18.            Successors and Assigns. Employee understands and acknowledges that this Agreement is personal in its nature and agrees that he shall not assign or transfer her rights under this Agreement. The provisions of this Agreement shall inure to the benefit of, and shall be binding on, each successor of the Company whether by merger, consolidation, transfer of all or substantially all assets, or otherwise, and the heirs and legal representatives of Employee.

19.            Authority.  The Company represents and warrants that the undersigned has the authority to act on behalf of the Company and to bind the Company and all who may claim through it to the terms and conditions of this Agreement.  Employee represents and warrants that he has the capacity to act on his own behalf and on behalf of all who might claim through him to bind them to the terms and conditions of this Agreement.  Each Party warrants and represents that there are no liens or claims of lien or assignments in law or equity or otherwise of or against any of the claims or causes of action released herein.

20.            No Representations.  Employee represents that he has had an opportunity to consult with an attorney, and has carefully read and understands the scope and effect of the provisions of this Agreement.  Employee has not relied upon any representations or statements made by the Company that are not specifically set forth in this Agreement.

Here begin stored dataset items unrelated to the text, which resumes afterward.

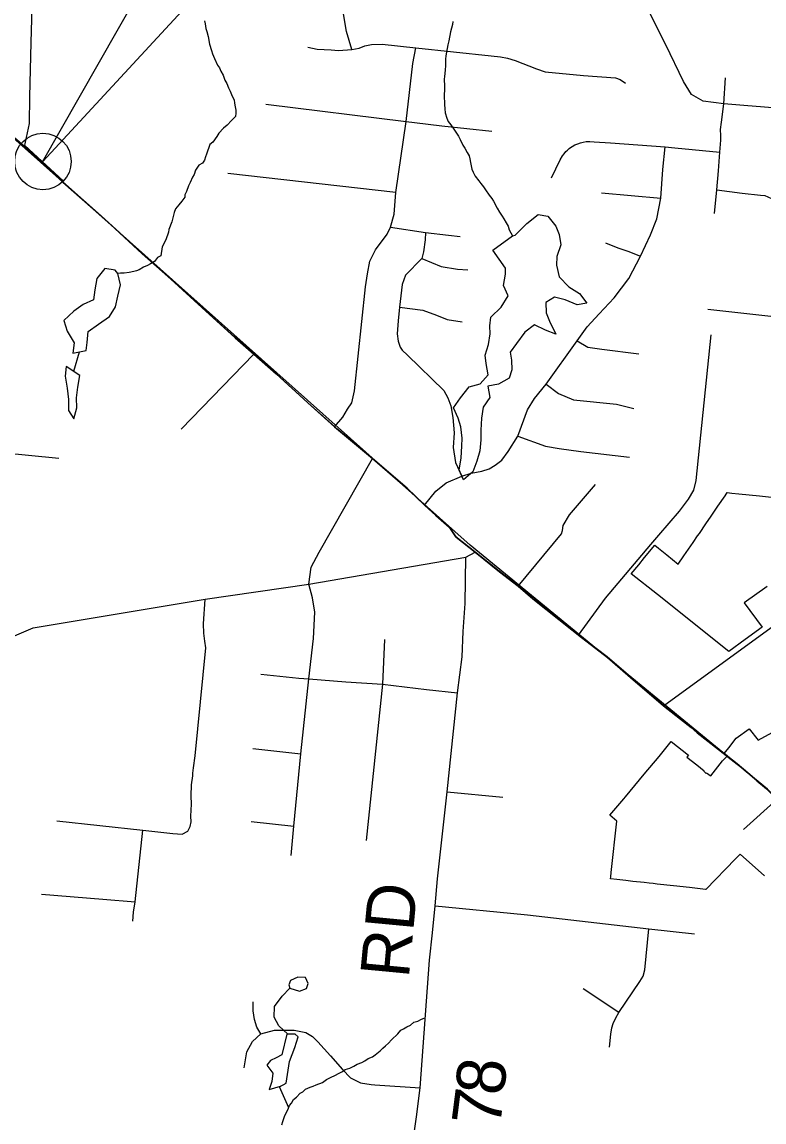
# Model space of a CAD drawing. Extents: x 0 to 39.3, y -3.9 to 22.
# Drawn here: x 2.954 to 3.818, y 18.6 to 19.881 of the extents above; entities that cross this region are included whole.
import ezdxf

# ---------------------------------------------------------------- set-up
doc = ezdxf.new("R2010")
doc.units = 0
for name, color, linetype in [('GM_X_City_Street', 7, 'Continuous'), ('GM_X_Corporation', 7, 'Continuous'), ('GM_X_County_Road', 7, 'Continuous'), ('GM_X_Minor_Lake', 7, 'Continuous'), ('GM_X_Minor_River', 7, 'Continuous'), ('GM_X_Rail_Line', 7, 'Continuous'), ('GM_X_State_Route', 7, 'Continuous'), ('GM_X_Township_Road', 7, 'Continuous'), ('GM_X_Township_Road_Text', 7, 'Continuous'), ('SH_Text', 7, 'Continuous')]:
    doc.layers.add(name, color=color, linetype=linetype)

msp = doc.modelspace()

# ---------------------------------------------------------------- linework, layer by layer
at = {"layer": 'GM_X_City_Street'}
msp.add_line((3.7939, 18.9401), (3.8332, 18.9754), dxfattribs=at)
at = {"layer": 'GM_X_Corporation'}
for points in [[(2.9304, 19.7584), (2.9564, 19.7359), (3.0012, 19.6948), (3.0459, 19.6551), (3.0936, 19.6114), (3.1268, 19.5818), (3.1629, 19.5487), (3.2017, 19.5136), (3.2232, 19.4946), (3.2494, 19.4715), (3.2862, 19.4376), (3.3175, 19.4096), (3.322, 19.4056), (3.3616, 19.3729), (3.4024, 19.3377), (3.4224, 19.3184), (3.4353, 19.3063), (3.4511, 19.2928), (3.4591, 19.2813), (3.4812, 19.2637), (3.5095, 19.241), (3.5312, 19.224), (3.5484, 19.2097), (3.6015, 19.1671), (3.6353, 19.1412), (3.6681, 19.1129), (3.7006, 19.0846), (3.7294, 19.0621), (3.7399, 19.0535), (3.7759, 19.0251), (3.7865, 19.0169), (3.7992, 19.0063), (3.8095, 18.9974), (3.8207, 18.988)], [(3.8207, 18.988), (3.8095, 18.9974), (3.7992, 19.0063), (3.7865, 19.0169), (3.7759, 19.0251), (3.7399, 19.0535), (3.7294, 19.0621), (3.7006, 19.0846), (3.6681, 19.1129), (3.6353, 19.1412), (3.6015, 19.1671), (3.5484, 19.2097), (3.5312, 19.224), (3.5095, 19.241), (3.4812, 19.2637), (3.4591, 19.2813), (3.4511, 19.2928), (3.4353, 19.3063), (3.4224, 19.3184), (3.4024, 19.3377), (3.3616, 19.3729), (3.322, 19.4056), (3.3175, 19.4096), (3.2862, 19.4376), (3.2494, 19.4715), (3.2232, 19.4946), (3.2017, 19.5136), (3.1629, 19.5487), (3.1268, 19.5818), (3.0936, 19.6114), (3.0459, 19.6551), (3.0012, 19.6948), (2.9564, 19.7359), (2.9304, 19.7584)], [(3.8216, 19.2234), (3.7948, 19.2043), (3.8157, 19.176), (3.7958, 19.1615), (3.7768, 19.1477), (3.6937, 19.2139), (3.6633, 19.2381), (3.672, 19.2487), (3.6788, 19.2572), (3.6906, 19.2716), (3.6951, 19.2679), (3.7047, 19.2602), (3.7181, 19.2494), (3.7247, 19.2591), (3.7301, 19.2669), (3.7352, 19.2745), (3.7405, 19.2822), (3.7426, 19.2852), (3.7502, 19.2964), (3.7562, 19.3051), (3.7643, 19.3169), (3.7726, 19.329), (3.7751, 19.3327), (3.7804, 19.3321), (3.7884, 19.3313), (3.8127, 19.3287), (3.8367, 19.3261)], [(3.8186, 18.8863), (3.7901, 18.9116), (3.7901, 18.9116), (3.7846, 18.9059), (3.75, 18.8704), (3.7499, 18.8703), (3.7342, 18.8721), (3.7312, 18.8725), (3.7123, 18.8746), (3.6935, 18.8767), (3.6889, 18.8772), (3.6843, 18.8777), (3.6785, 18.8783), (3.6653, 18.8798), (3.6568, 18.8807), (3.6466, 18.8819), (3.6391, 18.8827), (3.6394, 18.8849), (3.64, 18.8902), (3.64, 18.8902), (3.6466, 18.9501), (3.6385, 18.9568), (3.6546, 18.976), (3.6567, 18.9784), (3.6782, 19.0046), (3.6957, 19.0251), (3.7099, 19.0429), (3.7298, 19.0268), (3.7279, 19.0245), (3.7398, 19.0156), (3.7481, 19.0087), (3.7477, 19.0081), (3.7505, 19.0055), (3.7509, 19.0061), (3.7509, 19.0061), (3.7538, 19.0043), (3.7541, 19.004), (3.7558, 19.0029), (3.7696, 19.0202), (3.7749, 19.0258), (3.7749, 19.0258), (3.7751, 19.0261), (3.7716, 19.0289), (3.7768, 19.0354), (3.7855, 19.0465), (3.8005, 19.0575), (3.811, 19.0443), (3.8658, 19.0741)]]:
    msp.add_lwpolyline(points, dxfattribs=at)
at = {"layer": 'GM_X_County_Road'}
msp.add_line((3.7009, 19.0841), (3.8433, 19.1878), dxfattribs=at)
for points in [[(2.9644, 19.857), (2.9656, 19.8977), (2.9687, 19.9584)], [(2.9567, 19.7354), (2.9623, 19.7625), (2.9626, 19.7938), (2.9644, 19.857)], [(2.3872, 18.9634), (2.4076, 18.9796), (2.4185, 18.9873), (2.431, 18.9932), (2.4424, 18.9968), (2.4969, 19.0055), (2.5334, 19.0115), (2.6028, 19.0224), (2.6249, 19.0265), (2.6491, 19.0351), (2.6789, 19.0516), (2.7042, 19.0628), (2.7535, 19.0856), (2.8108, 19.1084), (2.9046, 19.1489), (2.9665, 19.175), (3.1671, 19.2085), (3.2876, 19.2261), (3.4707, 19.2576), (3.4814, 19.2631)]]:
    msp.add_lwpolyline(points, dxfattribs=at)
at = {"layer": 'GM_X_Minor_Lake'}
msp.add_line((3.0212, 19.4689), (3.0051, 19.4794), dxfattribs=at)
for points in [[(3.5249, 19.6318), (3.5282, 19.6327), (3.5417, 19.6461), (3.5548, 19.6565), (3.5662, 19.6548), (3.5755, 19.6432), (3.5795, 19.6333), (3.5812, 19.6211), (3.5764, 19.6075), (3.5763, 19.5976), (3.5795, 19.5839), (3.5907, 19.5723), (3.6031, 19.5645), (3.6116, 19.5533), (3.6002, 19.5512), (3.5862, 19.5572), (3.5737, 19.5604), (3.5637, 19.5541), (3.5643, 19.542), (3.5679, 19.5324), (3.5753, 19.5171), (3.5632, 19.5218), (3.5507, 19.5281), (3.5392, 19.5196), (3.5295, 19.5065), (3.5221, 19.4963), (3.5238, 19.4868), (3.524, 19.4758), (3.5212, 19.4659), (3.5085, 19.4589), (3.4963, 19.4565), (3.4984, 19.4435), (3.4909, 19.4322), (3.4888, 19.4194), (3.4882, 19.4053), (3.488, 19.3943), (3.487, 19.3814), (3.4834, 19.3693), (3.4786, 19.3568), (3.4678, 19.3475), (3.4627, 19.3586), (3.4652, 19.373), (3.4658, 19.3867), (3.4664, 19.3962), (3.4647, 19.4091), (3.4618, 19.4194), (3.4563, 19.4313), (3.4645, 19.443), (3.4746, 19.4557), (3.4872, 19.4593), (3.4965, 19.4698), (3.4941, 19.4831), (3.4931, 19.4926), (3.4971, 19.5051), (3.4989, 19.5176), (3.4986, 19.5271), (3.4996, 19.537), (3.5119, 19.5486), (3.5198, 19.5617), (3.5143, 19.574), (3.5168, 19.5872)], [(3.5168, 19.5872), (3.5169, 19.5941), (3.502, 19.6152), (3.5249, 19.6318)], [(3.0651, 19.5879), (3.0621, 19.5917), (3.05, 19.5938), (3.041, 19.5822), (3.0385, 19.5689), (3.0368, 19.5572), (3.0249, 19.5517), (3.0141, 19.5439), (3.0025, 19.5331), (3.0061, 19.5208), (3.0143, 19.507), (3.0129, 19.4949)], [(3.0282, 19.498), (3.0295, 19.5075), (3.0308, 19.5204), (3.0428, 19.5289), (3.0555, 19.5378), (3.0625, 19.5491), (3.0654, 19.5616), (3.0683, 19.5745), (3.0651, 19.5879)], [(3.0051, 19.4794), (3.0041, 19.4684), (3.0061, 19.4543), (3.0078, 19.441), (3.008, 19.4284), (3.0139, 19.4185), (3.0175, 19.4313), (3.017, 19.4431), (3.0187, 19.4556), (3.0212, 19.4689)], [(3.2838, 18.7679), (3.275, 18.7681), (3.2662, 18.7644), (3.2646, 18.7592), (3.2657, 18.7553)], [(3.2657, 18.7553), (3.2767, 18.7521), (3.2851, 18.755), (3.2871, 18.761), (3.2838, 18.7679)], [(3.2535, 18.6404), (3.2612, 18.6448), (3.2654, 18.6698), (3.2714, 18.6864), (3.2754, 18.6989), (3.272, 18.702), (3.2621, 18.7018), (3.2564, 18.6776), (3.2495, 18.6743), (3.243, 18.671), (3.2387, 18.6657)]]:
    msp.add_lwpolyline(points, dxfattribs=at)
at = {"layer": 'GM_X_Minor_River'}
for p, q in [((3.0129, 19.4949), (3.0282, 19.498)), ((3.0201, 19.4963), (3.0136, 19.4739))]:
    msp.add_line(p, q, dxfattribs=at)
for points in [[(3.1664, 19.8822), (3.1671, 19.8788), (3.1678, 19.8731), (3.1689, 19.8697), (3.1703, 19.8639), (3.1721, 19.8552), (3.1742, 19.8475), (3.1757, 19.8437), (3.1779, 19.8383), (3.1815, 19.8307), (3.1838, 19.8276), (3.1852, 19.8234), (3.1878, 19.8188), (3.19, 19.813), (3.1922, 19.8092), (3.194, 19.8042), (3.1962, 19.8004), (3.1984, 19.7946), (3.2006, 19.79), (3.2013, 19.7862), (3.202, 19.782), (3.2027, 19.7782), (3.2026, 19.7748), (3.2022, 19.7706), (3.1976, 19.7661), (3.1925, 19.7605), (3.1883, 19.7571), (3.1829, 19.7515), (3.1805, 19.7474), (3.1759, 19.741), (3.1724, 19.738), (3.1712, 19.7346), (3.1696, 19.7305), (3.1684, 19.7267), (3.1672, 19.7237), (3.1664, 19.7199), (3.164, 19.7165), (3.1598, 19.7139), (3.1559, 19.7083), (3.1543, 19.703), (3.1524, 19.7)], [(3.4554, 19.8814), (3.4549, 19.8779), (3.4529, 19.8692), (3.4508, 19.859), (3.4496, 19.8541), (3.4487, 19.8499), (3.4475, 19.8416), (3.447, 19.8374), (3.4469, 19.8302), (3.4464, 19.8249), (3.4459, 19.8173), (3.4455, 19.8142), (3.4457, 19.8062), (3.4455, 19.7918), (3.4458, 19.7887), (3.4458, 19.7846), (3.446, 19.7796), (3.4464, 19.7751), (3.4485, 19.7689), (3.45, 19.7651), (3.453, 19.7609), (3.4574, 19.7547), (3.4619, 19.7478), (3.4641, 19.7439), (3.467, 19.7374), (3.4696, 19.734), (3.4722, 19.729), (3.4744, 19.7251), (3.4751, 19.7213), (3.4762, 19.7171), (3.4776, 19.7095), (3.479, 19.706), (3.4816, 19.7014), (3.4857, 19.696), (3.4879, 19.6926), (3.4913, 19.6887), (3.4935, 19.6852), (3.4976, 19.6791), (3.5009, 19.6752), (3.5028, 19.6722), (3.5072, 19.6641), (3.5098, 19.6595), (3.5131, 19.6545), (3.515, 19.6514), (3.5176, 19.6468), (3.5198, 19.643), (3.5209, 19.6387), (3.5249, 19.6318)], [(3.1524, 19.7), (3.1496, 19.6939), (3.1476, 19.6898), (3.1452, 19.6834), (3.1433, 19.6796), (3.1432, 19.6766), (3.1397, 19.6721), (3.1362, 19.6679), (3.1323, 19.6631), (3.1307, 19.6589), (3.1283, 19.6479), (3.1247, 19.6392), (3.1243, 19.6362), (3.1211, 19.6271), (3.1171, 19.6188), (3.1155, 19.6086), (3.1116, 19.6064), (3.1081, 19.6019), (3.1035, 19.5993), (3.0997, 19.5971), (3.0951, 19.5953), (3.0901, 19.5923), (3.087, 19.5908), (3.084, 19.5901), (3.0786, 19.5891), (3.0725, 19.5884), (3.0684, 19.5881), (3.0645, 19.5878)], [(3.2633, 18.7018), (3.2528, 18.7115), (3.2473, 18.7218), (3.2479, 18.734), (3.2568, 18.746), (3.2657, 18.7553)], [(3.398, 18.7079), (3.4018, 18.7105), (3.406, 18.7123), (3.4099, 18.7157), (3.4145, 18.7171), (3.4191, 18.7193), (3.4221, 18.7204)], [(3.2562, 18.5963), (3.2574, 18.6001), (3.2598, 18.6069), (3.2633, 18.6136), (3.2653, 18.6186), (3.2676, 18.6216), (3.27, 18.6257), (3.2735, 18.6283), (3.2777, 18.6332), (3.2808, 18.6346), (3.2839, 18.6376), (3.2892, 18.6402), (3.2927, 18.6413), (3.2961, 18.6427), (3.3038, 18.6456), (3.3084, 18.649), (3.3138, 18.6519), (3.318, 18.6538), (3.323, 18.6563), (3.3268, 18.6582), (3.3299, 18.6608), (3.3356, 18.6622), (3.3402, 18.6644), (3.3441, 18.667), (3.3494, 18.6688), (3.3529, 18.6707), (3.3567, 18.6736), (3.3617, 18.6754), (3.3651, 18.6777), (3.3709, 18.6825), (3.374, 18.6855), (3.3771, 18.6881), (3.3806, 18.6915), (3.3841, 18.6952), (3.3914, 18.7023), (3.3949, 18.7064), (3.398, 18.7079)], [(3.2387, 18.6657), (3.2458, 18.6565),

21.            Severability.  In the event that any provision or any portion of any provision hereof or any surviving agreement made a part hereof becomes or is declared by a court of competent jurisdiction or arbitrator to be illegal, unenforceable, or void, this Agreement shall continue in full force and effect without said provision or portion of provision.

22.            Attorneys’ Fees.  Except with regard to a legal action challenging or seeking a determination in good faith of the validity of the waiver herein under the ADEA, in the event that either Party brings an action to enforce or effect its rights under this Agreement, the prevailing Party shall be entitled to recover its costs and expenses, including the costs of mediation, arbitration, litigation, court fees, and reasonable attorneys’ fees incurred in connection with such an action.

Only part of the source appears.